Last time I heard about Dog he was getting arrested in Mexico and the US gov't had taken his high-profile capture.

He's got a TV show now?


----------



## Zepp (Apr 25, 2005)

I think that incident in Mexico is what got him the TV show.


----------



## arnisador (Apr 25, 2005)

What's the Mexico story?


----------



## rutherford (Apr 25, 2005)

As I remember, Dog caught up with Andrew Luster (Max Factor heir who is a convicted rapist) down in Mexico.  Luster was buying some tacos from a street vendor outside of a police station and Dog snapped the cuffs on him.  Luster pitched a fit, the police arrested Dog, and Luster got shipped back to the US by some Feds.

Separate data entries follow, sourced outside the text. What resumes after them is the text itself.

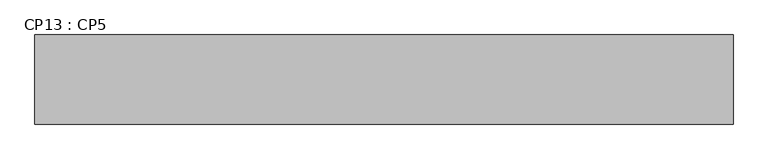
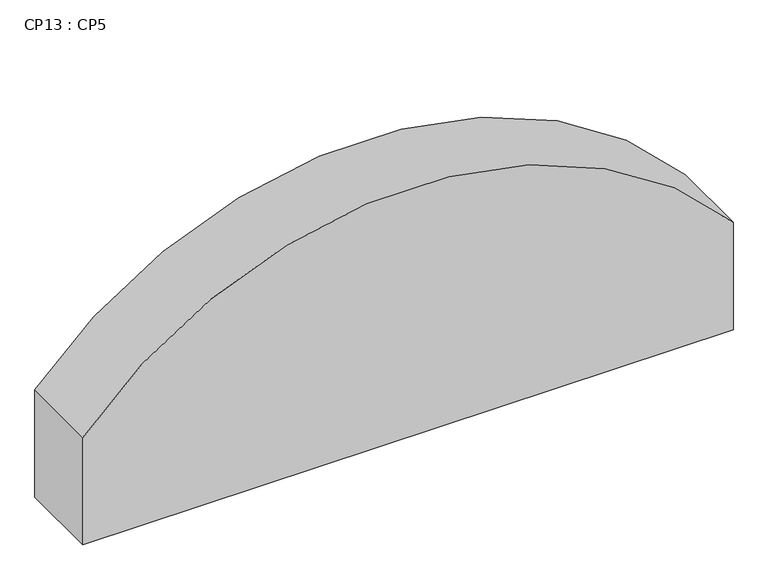
"""IFC4 building model written with IfcOpenShell, lengths in millimetres: beam geometry, CP13 : CP5."""

import ifcopenshell
import ifcopenshell.guid

model = None  # the IFC model being written
_history = None  # IfcOwnerHistory: only IFC2X3 demands one
_inside = {}  # id of a spatial element -> (the spatial element, [elements in it])
_under = {}  # id of a project, library or spatial element -> (it, [spatial elements below it])
_declared = {}  # id of a project -> (the project, [libraries it declares])
_typed = {}  # id of a type object -> (the type object, [elements of that type])
_made_of = {}  # id of a material, layer set ... -> (it, [elements and type objects made of it])


def new_model(schema):
    """Start an empty IFC model of exactly this schema.

    Asked for "IFC4X3", IfcOpenShell would pick the latest addendum, in which some entities
    have other attributes; the version numbers below select the first issue.
    IFC2X3 requires an IfcOwnerHistory on every rooted entity: one is made here for all.
    """
    global model, _history
    if schema == "IFC4X3":
        model = ifcopenshell.file(schema_version=(4, 3, 0, 0))
    else:
        model = ifcopenshell.file(schema=schema)
    _inside.clear()
    _under.clear()
    _declared.clear()
    _typed.clear()
    _made_of.clear()
    _history = None
    if model.schema == "IFC2X3":
        org = make("IfcOrganization", Name="unknown")
        user = make(
            "IfcPersonAndOrganization",
            ThePerson=make("IfcPerson", FamilyName="unknown"),
            TheOrganization=org,
        )
        app = make(
            "IfcApplication",
            ApplicationDeveloper=org,
            Version="unknown",
            ApplicationFullName="unknown",
            ApplicationIdentifier="unknown",
        )
        _history = make(
            "IfcOwnerHistory",
            OwningUser=user,
            OwningApplication=app,
            ChangeAction="ADDED",
            CreationDate=0,
        )
    return model


def make(cls, **values):
    """One entity of the class cls with the attributes given. An attribute that is None is left unset."""
    return model.create_entity(
        cls, **{name: value for name, value in values.items() if value is not None}
    )


def rooted(cls, **values):
    """An entity with a GlobalId (a new one), such as an element, a storey or a relation."""
    return make(cls, GlobalId=ifcopenshell.guid.new(), OwnerHistory=_history, **values)


def si_unit(unit_type, name, prefix=None):
    """IfcSIUnit, for example si_unit("LENGTHUNIT", "METRE", prefix="MILLI")."""
    return make("IfcSIUnit", UnitType=unit_type, Prefix=prefix, Name=name)


def assignment(units):
    """IfcUnitAssignment: the units of a project."""
    return None if units is None else make("IfcUnitAssignment", Units=units)


def point(xyz):
    """IfcCartesianPoint."""
    return None if xyz is None else make("IfcCartesianPoint", Coordinates=xyz)


def direction(xyz):
    """IfcDirection."""
    return None if xyz is None else make("IfcDirection", DirectionRatios=xyz)


def frame(location, z_axis=None, x_axis=None):
    """IfcAxis2Placement3D, a coordinate frame: its origin and axes. An axis left out is left unset."""
    return make(
        "IfcAxis2Placement3D",
        Location=point(location),
        Axis=direction(z_axis),
        RefDirection=direction(x_axis),
    )


def origin():
    """The frame at (0, 0, 0) with its axes left unset."""
    return frame((0.0, 0.0, 0.0))


def place(relative_to, where):
    """IfcLocalPlacement: puts the frame where relative to a parent placement (None: the world)."""
    return make(
        "IfcLocalPlacement", PlacementRelTo=relative_to, RelativePlacement=where
    )


def context(
    kind, dimensions, precision=None, world=None, true_north=None, identifier=None
):
    """IfcGeometricRepresentationContext, for example the 3D "Model" context."""
    return make(
        "IfcGeometricRepresentationContext",
        ContextIdentifier=identifier,
        ContextType=kind,
        CoordinateSpaceDimension=dimensions,
        Precision=precision,
        WorldCoordinateSystem=world,
        TrueNorth=true_north,
    )


def project(units=None, contexts=None):
    """IfcProject with its units and contexts."""
    return rooted(
        "IfcProject",
        Name="project",
        RepresentationContexts=contexts,
        UnitsInContext=assignment(units),
    )


def spatial(cls, under=None, at=None, **own):
    """A site, building, storey or space (cls), placed at a placement, below another one or the project."""
    s = rooted(cls, ObjectPlacement=at, **own)
    if under is not None:
        _under.setdefault(under.id(), (under, []))[1].append(s)
    return s


def circle_curve(where, radius):
    """IfcCircle in the frame where."""
    return make("IfcCircle", Position=where, Radius=radius)


def shape(context_of_items, identifier, shape_type, items):
    """IfcShapeRepresentation: the items that make up one representation, for example the "Body"."""
    return make(
        "IfcShapeRepresentation",
        ContextOfItems=context_of_items,
        RepresentationIdentifier=identifier,
        RepresentationType=shape_type,
        Items=items,
    )


def source(mapping_origin, context_of_items, identifier, shape_type, items):
    """IfcRepresentationMap: a shape defined once, which mapped items show again and again."""
    return make(
        "IfcRepresentationMap",
        MappingOrigin=mapping_origin,
        MappedRepresentation=shape(context_of_items, identifier, shape_type, items),
    )


def transform(
    local_origin,
    x_axis=None,
    y_axis=None,
    z_axis=None,
    scale=None,
    scale2=None,
    scale3=None,
    uniform=True,
):
    """IfcCartesianTransformationOperator3D, or its non-uniform kind. x_axis, y_axis, z_axis: its Axis1, 2, 3."""
    if uniform:
        return make(
            "IfcCartesianTransformationOperator3D",
            Axis1=direction(x_axis),
            Axis2=direction(y_axis),
            LocalOrigin=point(local_origin),
            Scale=scale,
            Axis3=direction(z_axis),
        )
    return make(
        "IfcCartesianTransformationOperator3DnonUniform",
        Axis1=direction(x_axis),
        Axis2=direction(y_axis),
        LocalOrigin=point(local_origin),
        Scale=scale,
        Axis3=direction(z_axis),
        Scale2=scale2,
        Scale3=scale3,
    )


def mapped(mapping_source, mapping_target):
    """IfcMappedItem: shows the shape of a source again, moved by a transform."""
    return make(
        "IfcMappedItem", MappingSource=mapping_source, MappingTarget=mapping_target
    )


def made_of(thing, what):
    """Note that an element or type object is made of a material, layer set ...; save() writes the relation."""
    if what is not None:
        _made_of.setdefault(what.id(), (what, []))[1].append(thing)
    return thing


def element(
    cls,
    number,
    at=None,
    inside=None,
    cuts=None,
    type_object=None,
    material=None,
    context=None,
    identifier="Body",
    shape_type=None,
    held_by="IfcProductDefinitionShape",
    body=None,
    shapes=None,
    **own,
):
    """One element of the class cls, such as IfcWall. Its Tag is "e" and its number.

    at: its placement. inside: the storey or other place that contains it. cuts: it is an
    opening in that element (IfcRelVoidsElement). A single representation is given by context,
    identifier, shape_type and body (its items); several are given by shapes. held_by: the class
    of the entity that holds the representations. save() writes the other relations.
    """
    e = rooted(cls, Tag="e%d" % number, ObjectPlacement=at, **own)
    if body is not None:
        shapes = [shape(context, identifier, shape_type, body)]
    if shapes is not None:
        e.Representation = make(held_by, Representations=shapes)
    if inside is not None:
        _inside.setdefault(inside.id(), (inside, []))[1].append(e)
    if cuts is not None:
        rooted(
            "IfcRelVoidsElement", RelatingBuildingElement=cuts, RelatedOpeningElement=e
        )
    if type_object is not None:
        _typed.setdefault(type_object.id(), (type_object, []))[1].append(e)
    return made_of(e, material)


def aggregate(whole, parts):
    """IfcRelAggregates: a whole, such as a stair, and the parts it consists of."""
    return rooted("IfcRelAggregates", RelatingObject=whole, RelatedObjects=parts)


def save(model, path):
    """Write the relations noted so far, then the file.

    IfcRelAggregates (storeys below a building ...), IfcRelContainedInSpatialStructure (elements
    in a storey), IfcRelDefinesByType, IfcRelAssociatesMaterial and IfcRelDeclares: one each for
    every whole, place, type object, material and project.
    """
    for whole, parts in _under.values():
        aggregate(whole, parts)
    for where, things in _inside.values():
        rooted(
            "IfcRelContainedInSpatialStructure",
            RelatedElements=things,
            RelatingStructure=where,
        )
    for kind, things in _typed.values():
        rooted("IfcRelDefinesByType", RelatedObjects=things, RelatingType=kind)
    for what, things in _made_of.values():
        rooted("IfcRelAssociatesMaterial", RelatedObjects=things, RelatingMaterial=what)
    for by, libraries in _declared.values():
        rooted("IfcRelDeclares", RelatingContext=by, RelatedDefinitions=libraries)
    model.write(path)


def plane_surface(at):
    """IfcPlane: the flat surface through the origin of the frame at, square to its z axis."""
    return make("IfcPlane", Position=at)


def cylinder_surface(at, radius):
    """IfcCylindricalSurface: all points at the distance radius from the z axis of the frame at."""
    return make("IfcCylindricalSurface", Position=at, Radius=radius)


def advanced_brep(points, edges, surfaces, faces):
    """IfcAdvancedBrep: a solid bounded by faces that lie on surfaces and meet in shared edges.

    An edge is (start, end): straight between two places in points (the first is 0);
    or (start, end, curve); or (start, end, curve, False) where it runs against its curve.
    A face is (place in surfaces, loops), or (place, loops, False) where it looks against
    its surface's normal. A loop lists edges by number (the first is 1), with a minus sign
    where the edge is run from its end to its start. The first loop is the outer one.
    """
    corners = [point(p) for p in points]
    vertices = [make("IfcVertexPoint", VertexGeometry=c) for c in corners]
    made = []
    for start, end, *more in edges:
        made.append(
            make(
                "IfcEdgeCurve",
                EdgeStart=vertices[start],
                EdgeEnd=vertices[end],
                EdgeGeometry=more[0] if more else make("IfcPolyline", Points=[corners[start], corners[end]]),
                SameSense=more[1] if len(more) > 1 else True,
            )
        )
    hull = []
    for where, loops, *sense in faces:
        bounds = []
        for j, loop in enumerate(loops):
            ring = [make("IfcOrientedEdge", EdgeElement=made[abs(k) - 1], Orientation=k > 0) for k in loop]
            bounds.append(
                make(
                    "IfcFaceOuterBound" if j == 0 else "IfcFaceBound",
                    Bound=make("IfcEdgeLoop", EdgeList=ring),
                    Orientation=True,
                )
            )
        hull.append(make("IfcAdvancedFace", Bounds=bounds, FaceSurface=surfaces[where], SameSense=sense[0] if sense else True))
    return make("IfcAdvancedBrep", Outer=make("IfcClosedShell", CfsFaces=hull))


def cp13_cp5_5f1e0e1f(model_context):
    return source(origin(), model_context, "Body", "AdvancedBrep", [
        advanced_brep(
        [(25483.2245516, 499.6999991, 14620.0), (30183.2245515, 499.6999991, 14620.0), (30183.2245488, 499.6999991, 13800.0), (25483.2245494, 499.6999991, 13800.0), (30183.2245515, -100.2551788, 14620.0), (25483.2245516, -100.2551788, 14620.0), (25483.2245494, -100.2551788, 13800.0), (30183.2245488, -100.2551788, 13800.0)],
        [
            (0, 1, circle_curve(frame((27833.2245515, 499.6999991, 12608.2612414), z_axis=(0.0, 1.0, 0.0), x_axis=(0.0, 0.0, -1.0)), 3093.4758497)),
            (1, 2),
            (2, 3),
            (3, 0),
            (4, 5, circle_curve(frame((27833.2245515, -100.2551788, 12608.2612414), z_axis=(0.0, -1.0, 0.0), x_axis=(0.0, 0.0, -1.0)), 3093.4758497)),
            (5, 6),
            (6, 7),
            (7, 4),
            (2, 7),
            (6, 3),
            (0, 5),
            (4, 1),
        ],
        [
            plane_surface(frame((27758.2245515, 499.6999991, 9004.7654345), z_axis=(0.0, 1.0, 0.0), x_axis=(-1.0, 0.0, 0.0))),
            plane_surface(frame((27758.2245515, -100.2551788, 9004.7654345), z_axis=(0.0, -1.0, 0.0), x_axis=(1.0, 0.0, 0.0))),
            plane_surface(frame((30333.2245515, 499.6999991, 13800.0), z_axis=(0.0, 0.0, -1.0), x_axis=(0.0, -1.0, 0.0))),
            cylinder_surface(frame((27833.2245515, 20099.7448193, 12608.2612414), z_axis=(0.0, 1.0, 0.0), x_axis=(0.0, 0.0, -1.0)), 3093.4758497),
            plane_surface(frame((30183.2245488, 18587.0448193, 13800.0), z_axis=(1.0, 0.0, 0.0), x_axis=(0.0, -1.0, 0.0))),
            plane_surface(frame((25483.2245494, 18587.0448193, 14620.0), z_axis=(-1.0, 0.0, 0.0), x_axis=(0.0, -1.0, 0.0))),
        ],
        [
            (0, [[1, 2, 3, 4]]),
            (1, [[5, 6, 7, 8]]),
            (2, [[9, -7, 10, -3]]),
            (3, [[-1, 11, -5, 12]]),
            (4, [[-2, -12, -8, -9]]),
            (5, [[-4, -10, -6, -11]]),
        ],
    ),
    ])


if __name__ == "__main__":
    model = new_model("IFC4")
    model_context = context("Model", 3, world=origin())
    ifc_project = project(units=[si_unit("LENGTHUNIT", "METRE", prefix="MILLI")], contexts=[model_context])
    site = spatial("IfcSite", under=ifc_project)
    building = spatial("IfcBuilding", under=site)
    placement = place(None, origin())
    cp13_cp5_shape = cp13_cp5_5f1e0e1f(model_context)
    element("IfcBeam", 1, ObjectType="CP13 : CP5", at=placement, inside=building, context=model_context, shape_type="MappedRepresentation", body=[
        mapped(cp13_cp5_shape, transform((0.0, 0.0, 0.0), x_axis=(1.0, 0.0, 0.0), y_axis=(0.0, 1.0, 0.0), z_axis=(0.0, 0.0, 1.0))),
    ])
    save(model, "model.ifc")

Dog didn't get a cut of that bounty.


----------



## arnisador (Apr 25, 2005)

rutherford said:
			
		

> As I remember, Dog caught up with Andrew Luster (Max Factor heir who is a convicted rapist) down in Mexico.  Luster was buying some tacos from a street vendor outside of a police station and Dog snapped the cuffs on him.  Luster pitched a fit, the police arrested Dog, and Luster got shipped back to the US by some Feds.
> 
> Dog didn't get a cut of that bounty.



I knew the Max Factor story, but not that Dog was involved! Did he write him a bond, or just go for the bounty?


----------



## BlackCatBonz (Apr 25, 2005)

this is one of my favourite shows on tv


----------



## Casey_Sutherland (Apr 28, 2005)

I first heard about dog through an article that I read in Playboy.  The article was all about the mexico incident. It was a pretty good read. Here is a similar article about Dog and his mexico capture

http://www.acsblog.org/criminal-law-331-the-art-and-entertainment-of-bounty-hunting.html


----------



## rmcpeek (Apr 28, 2005)

I've checked the show out a few times myself. I like it. I remember the Mexico incident as well. When I heard he had a show, I tuned in.


----------



## arnisador (Dec 20, 2005)

I no longer follow the show, but a brief article yesterday said he'd signed for another 26 episode season at $100,000/episode ($2.6 million).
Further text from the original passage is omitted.